● WHAT YOU SHOULD DO: Whenever a line in the data holds the string "Continuous", copy that line.

____ TASK MATERIAL

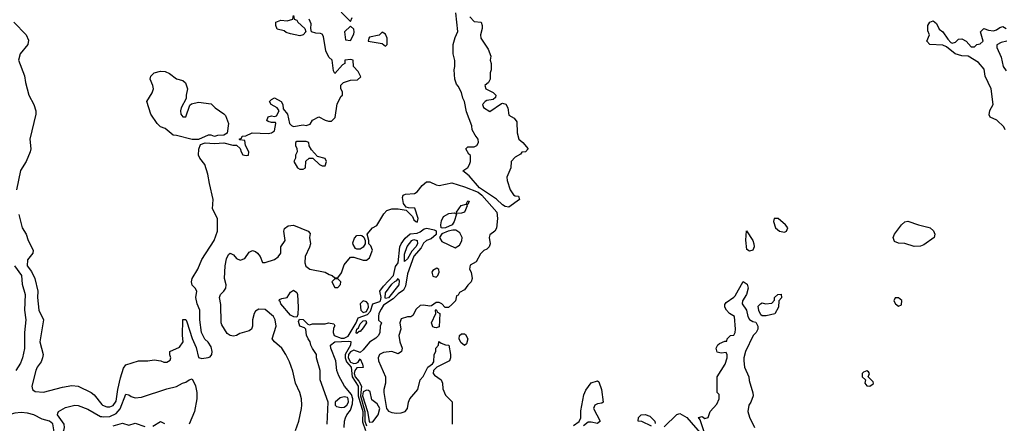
# Model space of a CAD drawing. Header units: inches. Extents: x 2380249 to 2585472, y 382747 to 546448.
# Tile 287 of 626: x 2529480 to 2535699, y 422036 to 424586. Entities that reach past the tile are written whole.
import ezdxf

# ---------------------------------------------------------------- set-up
doc = ezdxf.new("R2010")
doc.units = ezdxf.units.IN
doc.header["$MEASUREMENT"] = 0
doc.layers.add('C5422', color=7, linetype='Continuous')
doc.layers.add('C5432', color=7, linetype='Continuous')

msp = doc.modelspace()

# ---------------------------------------------------------------- linework, layer by layer
at = {"layer": 'C5422', "color": 4}
for points, elevation in [([(2529442.8, 424570), (2529521, 424490), (2529536.9, 424456.9), (2529531.3, 424430), (2529484, 424370), (2529473.4, 424330), (2529511.6, 424231.6), (2529517.4, 424190), (2529538.3, 424110), (2529570.4, 424050), (2529582.4, 424010), (2529582.4, 423990), (2529543.8, 423830), (2529550.4, 423770), (2529546.4, 423750), (2529520.4, 423690), (2529486.3, 423633.7), (2529461.1, 423510)], 36), ([(2529475.8, 423355.8), (2529496.5, 423270), (2529520.4, 423230), (2529533, 423190), (2529564.9, 423130), (2529564, 423110), (2529530.5, 423069.5), (2529526.4, 423030), (2529554.1, 422994.1), (2529574.9, 422950), (2529594.4, 422870), (2529593, 422830), (2529600.5, 422750), (2529630.8, 422690), (2529608.4, 422550), (2529627.7, 422470), (2529624.9, 422450), (2529616.1, 422423.9), (2529590.7, 422390), (2529582, 422370), (2529557.3, 422270), (2529558.8, 422258.8), (2529561, 422250), (2529577.3, 422237.3), (2529630, 422233.4), (2529750, 422264), (2529810, 422274), (2529850.5, 422270.5), (2529930.6, 422230.6), (2529950, 422216), (2530000, 422153.5)], 36), ([(2529448, 423030), (2529490.6, 422969.4), (2529494.8, 422914.8), (2529514, 422850), (2529510.5, 422750), (2529518.8, 422690), (2529510.7, 422610), (2529510.7, 422509.3), (2529498.8, 422450), (2529484.5, 422415.5), (2529454.8, 422370)], 32), ([(2529470, 421839.6), (2529490, 421831.5), (2529510, 421832.3), (2529650, 421867.5), (2529698.1, 421901.9), (2529726.8, 421930), (2529758.3, 421990), (2529763.5, 422010), (2529761.3, 422030), (2529719, 422090), (2529720.2, 422099.8), (2529726, 422110), (2529770, 422134.8), (2529829.4, 422150.6), (2529850, 422147.3), (2529910, 422126), (2529990, 422079.6), (2530000, 422077.9)], 32)]:
    msp.add_lwpolyline(points, dxfattribs=dict(at, elevation=elevation))
at = {"layer": 'C5422', "color": 4, "elevation": 36}
msp.add_lwpolyline([(2529490, 422103.1), (2529450, 422099.7), (2529426.8, 422093.2), (2529387.3, 422070), (2529374.4, 422045.6), (2529374, 422030), (2529382, 422010), (2529408.2, 421990), (2529474.5, 421954.5), (2529510.8, 421890), (2529541.2, 421881.2), (2529590, 421887.1), (2529610, 421890.4), (2529630, 421900.3), (2529695.4, 421950), (2529699.7, 421970), (2529690, 422031.8), (2529669, 422050), (2529621.8, 422061.8), (2529570, 422088.2), (2529530, 422099.7)], close=True, dxfattribs=at)
at = {"layer": 'C5432', "color": 4}
for points, elevation in [([(2531250, 424484.5), (2531190, 424495.6), (2531164.2, 424504.2), (2531150, 424514.5), (2531106, 424526), (2531097.2, 424550), (2531099, 424570), (2531130, 424583), (2531170, 424578.8), (2531206, 424590), (2531210, 424612), (2531214, 424590), (2531230, 424582), (2531236, 424570), (2531281, 424530), (2531286.8, 424510), (2531270, 424489.3)], 36), ([(2531570, 424546), (2531532, 424510), (2531538, 424458), (2531570, 424454), (2531590, 424494), (2531592.7, 424510), (2531590, 424526)], 36), ([(2531770, 424508), (2531750, 424488.7), (2531690, 424475.3), (2531686, 424470), (2531682, 424450), (2531770, 424436), (2531790, 424418), (2531802, 424430), (2531801.2, 424470), (2531790, 424495.3)], 36), ([(2530510, 423972), (2530530, 423972), (2530554.8, 424045.2), (2530566, 424054), (2530610, 424064), (2530690, 424054), (2530714, 424030), (2530770, 423992), (2530779.8, 423979.8), (2530798, 423930), (2530790, 423868), (2530770, 423855.3), (2530730, 423854), (2530710, 423848.7), (2530690, 423855.3), (2530670, 423855.3), (2530610, 423828), (2530570, 423828.7), (2530470, 423854), (2530450, 423855.3), (2530398.4, 423898.4), (2530368.7, 423910), (2530348.7, 423930), (2530309.1, 423989.1), (2530284, 424070), (2530316.3, 424123.7), (2530324.5, 424150), (2530320.9, 424170), (2530304, 424210), (2530308.7, 424230), (2530328.7, 424250), (2530370, 424261), (2530399.6, 424259.6), (2530426, 424246), (2530470, 424211.3), (2530510, 424201), (2530527.1, 424187.1), (2530541, 424150), (2530531.3, 424110), (2530531.1, 424088.9), (2530501, 424030), (2530496, 424010), (2530498, 423990)], 36), ([(2531290, 423815.3), (2531230, 423815.3), (2531222, 423810), (2531222, 423790), (2531231.6, 423771.6), (2531232, 423750), (2531222, 423730), (2531222, 423710), (2531212, 423690), (2531234, 423650), (2531250, 423642), (2531270, 423642), (2531286, 423650), (2531288.4, 423691.6), (2531308.4, 423711.6), (2531332, 423712), (2531374, 423670), (2531390, 423662), (2531410, 423662), (2531419, 423690), (2531410, 423708), (2531362, 423722), (2531323.1, 423763.1), (2531308.4, 423788.4), (2531306, 423810)], 36), ([(2532242, 423362), (2532238, 423370), (2532268.4, 423411.6), (2532299.3, 423420.7), (2532310, 423442), (2532319.6, 423439.6), (2532310, 423418), (2532302, 423418), (2532306, 423410), (2532290, 423369.5), (2532270, 423362.9)], 28), ([(2532150, 423268.2), (2532142.7, 423270), (2532140.7, 423290), (2532144.4, 423315.6), (2532157.6, 423342.4), (2532190, 423360.5), (2532224.7, 423364.7), (2532238, 423358), (2532224.6, 423310), (2532212.2, 423290), (2532170, 423270.8)], 28), ([(2534246, 423330), (2534240.7, 423310), (2534254, 423270), (2534278, 423250), (2534310, 423244.4), (2534324, 423250), (2534331.1, 423271.1), (2534317, 423290), (2534270, 423329.2)], 36), ([(2535130, 423153.3), (2535070, 423170.9), (2535030, 423174.3), (2535004.9, 423184.9), (2534996.3, 423210), (2535004.7, 423230), (2535050, 423290.4), (2535070, 423308.7), (2535090, 423312.2), (2535156, 423290), (2535216, 423276), (2535230.2, 423270.2), (2535251.1, 423251.1), (2535259.5, 423230), (2535256.4, 423210), (2535190, 423163), (2535170, 423154)], 32), ([(2532216.2, 423256.2), (2532185.5, 423250), (2532147.4, 423232.6), (2532131.7, 423210), (2532145.4, 423185.4), (2532230, 423144), (2532258.3, 423161.7), (2532272.4, 423187.6), (2532274.3, 423210), (2532259.5, 423239.5), (2532235.2, 423255.2)], 32), ([(2534090, 423122.7), (2534073.2, 423133.2), (2534067.2, 423192.8), (2534070, 423252), (2534110, 423191), (2534117.1, 423170), (2534119.3, 423150), (2534110, 423129.5)], 32), ([(2531610, 423135.3), (2531601.2, 423141.2), (2531585.6, 423165.6), (2531584.7, 423175.3), (2531594.6, 423205.4), (2531610, 423222), (2531630, 423224.7), (2531642, 423222), (2531652.7, 423212.7), (2531662, 423190), (2531662, 423170), (2531650, 423148), (2531630, 423135.3)], 32), ([(2531910, 423059), (2531910, 423104.7), (2531927.8, 423152.2), (2531957.6, 423190), (2531970, 423196.9), (2531990.2, 423190.2), (2531992.8, 423170), (2531981.2, 423150), (2531957.2, 423122.8), (2531930, 423074.5)], 24), ([(2532115.3, 423015.3), (2532090, 423002), (2532082.8, 422990), (2532090, 422964.7), (2532110, 422958), (2532122, 422970), (2532128.7, 422990), (2532128, 423008)], 32), ([(2531490, 422948), (2531470, 422948), (2531452, 422930), (2531470, 422894), (2531490, 422894), (2531507.3, 422912.7), (2531508, 422930)], 32), ([(2531790, 422824.4), (2531787.8, 422827.8), (2531790, 422859.5), (2531830, 422914), (2531850, 422932.4), (2531862.8, 422937.2), (2531870.5, 422950.5), (2531876.7, 422936.7), (2531874.2, 422910), (2531810, 422828.7)], 24), ([(2531230, 422706), (2531211.6, 422708.4), (2531190, 422719.3), (2531129.2, 422790), (2531124.7, 422804.7), (2531118, 422810), (2531122, 422818), (2531135.3, 422824.7), (2531169, 422831), (2531190, 422864.7), (2531210, 422876), (2531230, 422862), (2531234.8, 422850), (2531239.1, 422770), (2531236, 422724)], 28), ([(2531650, 422809.7), (2531631.4, 422790), (2531634, 422750), (2531650, 422735.4), (2531670, 422741.6), (2531683.2, 422770), (2531680.2, 422790), (2531670, 422804.2)], 32), ([(2534194.6, 422714.6), (2534170, 422715.3), (2534162, 422722), (2534149.3, 422749.3), (2534145.2, 422774.8), (2534158, 422790), (2534170, 422796), (2534190, 422791.3), (2534230, 422794), (2534247.3, 422812.7), (2534248, 422830), (2534268, 422850), (2534290, 422852), (2534291.1, 422828.9), (2534274, 422810), (2534272, 422770), (2534250, 422728)], 32), ([(2535030, 422829), (2535010, 422828), (2535001, 422810), (2535011.3, 422790), (2535030, 422776), (2535050, 422784.7), (2535052, 422812)], 36), ([(2532110, 422638), (2532100.4, 422640.4), (2532090, 422646), (2532082, 422670), (2532108, 422730), (2532106, 422750), (2532110, 422754), (2532118, 422738), (2532134, 422730), (2532130, 422646)], 32), ([(2531610, 422602.9), (2531605.4, 422610), (2531609, 422630), (2531620.4, 422639.6), (2531630, 422663.8), (2531650, 422683.1), (2531665.4, 422685.4), (2531670.3, 422670.3), (2531650, 422638.7), (2531630, 422615.6), (2531624.4, 422615.6)], 24), ([(2532290, 422528), (2532266.3, 422546.3), (2532255.3, 422570), (2532258, 422590), (2532270, 422602), (2532290, 422602), (2532296.9, 422596.9), (2532311.3, 422570), (2532302, 422538)], 32), ([(2534830, 422368), (2534810, 422359), (2534801, 422350), (2534802, 422330), (2534822, 422310), (2534818, 422290), (2534830, 422272), (2534850, 422271.3), (2534870, 422284.7), (2534873.2, 422290), (2534870, 422298), (2534838, 422330), (2534848, 422350), (2534840.4, 422360.4)], 36), ([(2531670, 422246), (2531650, 422234), (2531644.4, 422210), (2531677.5, 422110), (2531686.4, 422050), (2531690, 422043.1), (2531710, 422044.9), (2531743.6, 422090), (2531755.3, 422130), (2531738, 422158), (2531704.4, 422184.4), (2531693.9, 422233.9), (2531682.9, 422242.9)], 32), ([(2531530, 422203.9), (2531504.2, 422195.8), (2531473, 422170), (2531473.4, 422150), (2531482, 422142), (2531510, 422134.9), (2531530, 422138.6), (2531546.6, 422150), (2531555.9, 422170), (2531555.5, 422190), (2531550, 422199.7)], 28)]:
    msp.add_lwpolyline(points, close=True, dxfattribs=dict(at, elevation=elevation))
for points, elevation in [([(2531510, 424634), (2531570, 424574), (2531580.4, 424599.6)], 36), ([(2532323.6, 424603.6), (2532350, 424574), (2532394, 424570), (2532402, 424550), (2532402, 424530), (2532391.3, 424490), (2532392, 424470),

________

● SOLUTION TO THIS PROBLEM:
doc.layers.add('C5422', color=7, linetype='Continuous')
doc.layers.add('C5432', color=7, linetype='Continuous')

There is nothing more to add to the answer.